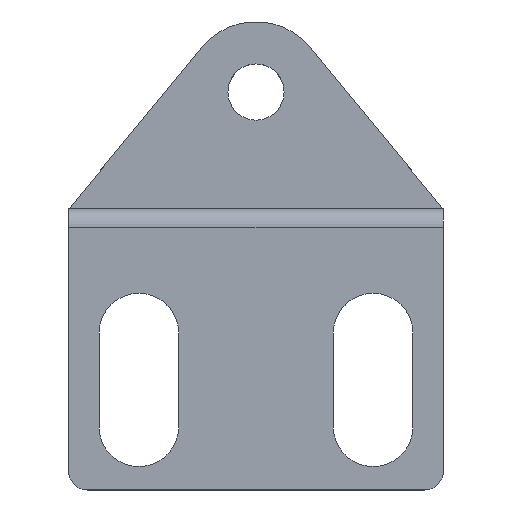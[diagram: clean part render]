
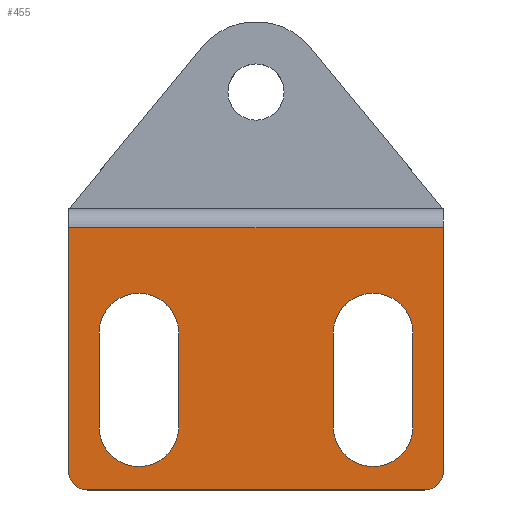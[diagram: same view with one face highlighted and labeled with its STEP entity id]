
A CAD part, top view. The second image highlights one B-rep face of the part: STEP entity #455.
In plain terms, the highlighted planar face has unit normal (0, 0, 1).
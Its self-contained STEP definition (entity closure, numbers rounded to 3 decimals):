
#10 = CARTESIAN_POINT ( 'NONE',  ( -12.5, -23.25, 17. ) ) ;
#11 = DIRECTION ( 'NONE',  ( 0., 0., -1. ) ) ;
#12 = DIRECTION ( 'NONE',  ( -1., 0., 0. ) ) ;
#28 = CARTESIAN_POINT ( 'NONE',  ( 8.25, -23.25, 17. ) ) ;
#30 = CARTESIAN_POINT ( 'NONE',  ( 8.25, -13.25, 17. ) ) ;
#32 = CARTESIAN_POINT ( 'NONE',  ( -20., -2., 17. ) ) ;
#33 = CARTESIAN_POINT ( 'NONE',  ( -16.75, -23.25, 17. ) ) ;
#121 = CIRCLE ( 'NONE', #492, 2. ) ;
#126 = VECTOR ( 'NONE', #640, 1000. ) ;
#128 = LINE ( 'NONE', #644, #126 ) ;
#130 = CIRCLE ( 'NONE', #495, 4.25 ) ;
#133 = CIRCLE ( 'NONE', #497, 4.25 ) ;
#137 = VECTOR ( 'NONE', #632, 1000. ) ;
#139 = VECTOR ( 'NONE', #630, 1000. ) ;
#140 = LINE ( 'NONE', #631, #137 ) ;
#145 = CIRCLE ( 'NONE', #500, 4.25 ) ;
#147 = LINE ( 'NONE', #624, #139 ) ;
#152 = VECTOR ( 'NONE', #665, 1000. ) ;
#155 = LINE ( 'NONE', #663, #152 ) ;
#158 = VECTOR ( 'NONE', #658, 1000. ) ;
#163 = LINE ( 'NONE', #650, #158 ) ;
#168 = VECTOR ( 'NONE', #606, 1000. ) ;
#176 = LINE ( 'NONE', #611, #168 ) ;
#180 = VECTOR ( 'NONE', #290, 1000. ) ;
#182 = CIRCLE ( 'NONE', #509, 4.25 ) ;
#183 = LINE ( 'NONE', #291, #180 ) ;
#184 = CIRCLE ( 'NONE', #511, 2. ) ;
#185 = FACE_BOUND ( 'NONE', #803, .T. ) ;
#187 = FACE_OUTER_BOUND ( 'NONE', #856, .T. ) ;
#191 = FACE_BOUND ( 'NONE', #854, .T. ) ;
#222 = LINE ( 'NONE', #703, #241 ) ;
#241 = VECTOR ( 'NONE', #697, 1000. ) ;
#249 = CARTESIAN_POINT ( 'NONE',  ( -18., -28., 17. ) ) ;
#250 = DIRECTION ( 'NONE',  ( 0., 0., 1. ) ) ;
#251 = DIRECTION ( 'NONE',  ( 1., 0., 0. ) ) ;
#259 = CARTESIAN_POINT ( 'NONE',  ( -8.25, -13.25, 17. ) ) ;
#261 = CARTESIAN_POINT ( 'NONE',  ( -18., -30., 17. ) ) ;
#263 = CARTESIAN_POINT ( 'NONE',  ( 18., -30., 17. ) ) ;
#264 = CARTESIAN_POINT ( 'NONE',  ( -20., -28., 17. ) ) ;
#266 = CARTESIAN_POINT ( 'NONE',  ( -16.75, -13.25, 17. ) ) ;
#269 = CARTESIAN_POINT ( 'NONE',  ( -8.25, -23.25, 17. ) ) ;
#275 = CARTESIAN_POINT ( 'NONE',  ( 20., -28., 17. ) ) ;
#277 = CARTESIAN_POINT ( 'NONE',  ( 20., -2., 17. ) ) ;
#284 = CARTESIAN_POINT ( 'NONE',  ( 16.75, -13.25, 17. ) ) ;
#289 = CARTESIAN_POINT ( 'NONE',  ( 16.75, -23.25, 17. ) ) ;
#290 = DIRECTION ( 'NONE',  ( 0., 1., 0. ) ) ;
#291 = CARTESIAN_POINT ( 'NONE',  ( -16.75, -1., 17. ) ) ;
#292 = CARTESIAN_POINT ( 'NONE',  ( -12.5, -13.25, 17. ) ) ;
#293 = DIRECTION ( 'NONE',  ( 0., 0., -1. ) ) ;
#294 = DIRECTION ( 'NONE',  ( -1., 0., 0. ) ) ;
#296 = CARTESIAN_POINT ( 'NONE',  ( 18., -28., 17. ) ) ;
#297 = DIRECTION ( 'NONE',  ( 0., 0., 1. ) ) ;
#298 = DIRECTION ( 'NONE',  ( -1., 0., 0. ) ) ;
#308 = DIRECTION ( 'NONE',  ( 0., 0., 1. ) ) ;
#316 = CARTESIAN_POINT ( 'NONE',  ( 0., -1., 17. ) ) ;
#318 = PLANE ( 'NONE',  #510 ) ;
#320 = DIRECTION ( 'NONE',  ( 1., 0., 0. ) ) ;
#396 = EDGE_CURVE ( 'NONE', #753, #786, #222, .T. ) ;
#455 = ADVANCED_FACE ( 'NONE', ( #191, #185, #187 ), #318, .T. ) ;
#468 = EDGE_CURVE ( 'NONE', #764, #747, #182, .T. ) ;
#474 = EDGE_CURVE ( 'NONE', #787, #764, #183, .T. ) ;
#476 = EDGE_CURVE ( 'NONE', #752, #766, #184, .T. ) ;
#492 = AXIS2_PLACEMENT_3D ( 'NONE', #249, #250, #251 ) ;
#495 = AXIS2_PLACEMENT_3D ( 'NONE', #10, #11, #12 ) ;
#497 = AXIS2_PLACEMENT_3D ( 'NONE', #641, #642, #643 ) ;
#500 = AXIS2_PLACEMENT_3D ( 'NONE', #621, #622, #623 ) ;
#509 = AXIS2_PLACEMENT_3D ( 'NONE', #292, #293, #294 ) ;
#510 = AXIS2_PLACEMENT_3D ( 'NONE', #316, #308, #320 ) ;
#511 = AXIS2_PLACEMENT_3D ( 'NONE', #296, #297, #298 ) ;
#540 = EDGE_CURVE ( 'NONE', #786, #768, #176, .T. ) ;
#556 = EDGE_CURVE ( 'NONE', #749, #752, #163, .T. ) ;
#559 = EDGE_CURVE ( 'NONE', #776, #781, #155, .T. ) ;
#564 = EDGE_CURVE ( 'NONE', #781, #782, #145, .T. ) ;
#567 = EDGE_CURVE ( 'NONE', #768, #766, #147, .T. ) ;
#568 = EDGE_CURVE ( 'NONE', #782, #784, #140, .T. ) ;
#572 = EDGE_CURVE ( 'NONE', #784, #776, #133, .T. ) ;
#575 = EDGE_CURVE ( 'NONE', #747, #758, #128, .T. ) ;
#579 = EDGE_CURVE ( 'NONE', #758, #787, #130, .T. ) ;
#585 = EDGE_CURVE ( 'NONE', #753, #749, #121, .T. ) ;
#606 = DIRECTION ( 'NONE',  ( 1., 0., 0. ) ) ;
#611 = CARTESIAN_POINT ( 'NONE',  ( -10., -2., 17. ) ) ;
#621 = CARTESIAN_POINT ( 'NONE',  ( 12.5, -23.25, 17. ) ) ;
#622 = DIRECTION ( 'NONE',  ( 0., 0., -1. ) ) ;
#623 = DIRECTION ( 'NONE',  ( 1., 0., 0. ) ) ;
#624 = CARTESIAN_POINT ( 'NONE',  ( 20., 0., 17. ) ) ;
#630 = DIRECTION ( 'NONE',  ( 0., -1., 0. ) ) ;
#631 = CARTESIAN_POINT ( 'NONE',  ( 8.25, -1., 17. ) ) ;
#632 = DIRECTION ( 'NONE',  ( 0., 1., 0. ) ) ;
#640 = DIRECTION ( 'NONE',  ( 0., -1., 0. ) ) ;
#641 = CARTESIAN_POINT ( 'NONE',  ( 12.5, -13.25, 17. ) ) ;
#642 = DIRECTION ( 'NONE',  ( 0., 0., -1. ) ) ;
#643 = DIRECTION ( 'NONE',  ( 1., 0., 0. ) ) ;
#644 = CARTESIAN_POINT ( 'NONE',  ( -8.25, -1., 17. ) ) ;
#650 = CARTESIAN_POINT ( 'NONE',  ( 0., -30., 17. ) ) ;
#658 = DIRECTION ( 'NONE',  ( 1., 0., 0. ) ) ;
#663 = CARTESIAN_POINT ( 'NONE',  ( 16.75, -1., 17. ) ) ;
#665 = DIRECTION ( 'NONE',  ( 0., -1., 0. ) ) ;
#697 = DIRECTION ( 'NONE',  ( 0., 1., 0. ) ) ;
#703 = CARTESIAN_POINT ( 'NONE',  ( -20., -2., 17. ) ) ;
#730 = ORIENTED_EDGE ( 'NONE', *, *, #540, .F. ) ;
#731 = ORIENTED_EDGE ( 'NONE', *, *, #572, .T. ) ;
#743 = ORIENTED_EDGE ( 'NONE', *, *, #568, .T. ) ;
#747 = VERTEX_POINT ( 'NONE', #259 ) ;
#749 = VERTEX_POINT ( 'NONE', #261 ) ;
#752 = VERTEX_POINT ( 'NONE', #263 ) ;
#753 = VERTEX_POINT ( 'NONE', #264 ) ;
#755 = ORIENTED_EDGE ( 'NONE', *, *, #556, .T. ) ;
#758 = VERTEX_POINT ( 'NONE', #269 ) ;
#764 = VERTEX_POINT ( 'NONE', #266 ) ;
#766 = VERTEX_POINT ( 'NONE', #275 ) ;
#768 = VERTEX_POINT ( 'NONE', #277 ) ;
#776 = VERTEX_POINT ( 'NONE', #284 ) ;
#781 = VERTEX_POINT ( 'NONE', #289 ) ;
#782 = VERTEX_POINT ( 'NONE', #28 ) ;
#784 = VERTEX_POINT ( 'NONE', #30 ) ;
#786 = VERTEX_POINT ( 'NONE', #32 ) ;
#787 = VERTEX_POINT ( 'NONE', #33 ) ;
#803 = EDGE_LOOP ( 'NONE', ( #743, #731, #925, #961 ) ) ;
#854 = EDGE_LOOP ( 'NONE', ( #932, #933, #909, #947 ) ) ;
#856 = EDGE_LOOP ( 'NONE', ( #958, #956, #730, #960, #963, #755 ) ) ;
#909 = ORIENTED_EDGE ( 'NONE', *, *, #575, .T. ) ;
#925 = ORIENTED_EDGE ( 'NONE', *, *, #559, .T. ) ;
#932 = ORIENTED_EDGE ( 'NONE', *, *, #474, .T. ) ;
#933 = ORIENTED_EDGE ( 'NONE', *, *, #468, .T. ) ;
#947 = ORIENTED_EDGE ( 'NONE', *, *, #579, .T. ) ;
#956 = ORIENTED_EDGE ( 'NONE', *, *, #567, .F. ) ;
#958 = ORIENTED_EDGE ( 'NONE', *, *, #476, .T. ) ;
#960 = ORIENTED_EDGE ( 'NONE', *, *, #396, .F. ) ;
#961 = ORIENTED_EDGE ( 'NONE', *, *, #564, .T. ) ;
#963 = ORIENTED_EDGE ( 'NONE', *, *, #585, .T. ) ;

> EXERCISE
From the entries above, extract only the lines running from the one containing "#764 = VERTEX_POINT ( 'NONE', #266 ) ;" through the one containing "#787 = VERTEX_POINT ( 'NONE', #33 ) ;", inclusive.

> RESPONSE TO THE TASK
#764 = VERTEX_POINT ( 'NONE', #266 ) ;
#766 = VERTEX_POINT ( 'NONE', #275 ) ;
#768 = VERTEX_POINT ( 'NONE', #277 ) ;
#776 = VERTEX_POINT ( 'NONE', #284 ) ;
#781 = VERTEX_POINT ( 'NONE', #289 ) ;
#782 = VERTEX_POINT ( 'NONE', #28 ) ;
#784 = VERTEX_POINT ( 'NONE', #30 ) ;
#786 = VERTEX_POINT ( 'NONE', #32 ) ;
#787 = VERTEX_POINT ( 'NONE', #33 ) ;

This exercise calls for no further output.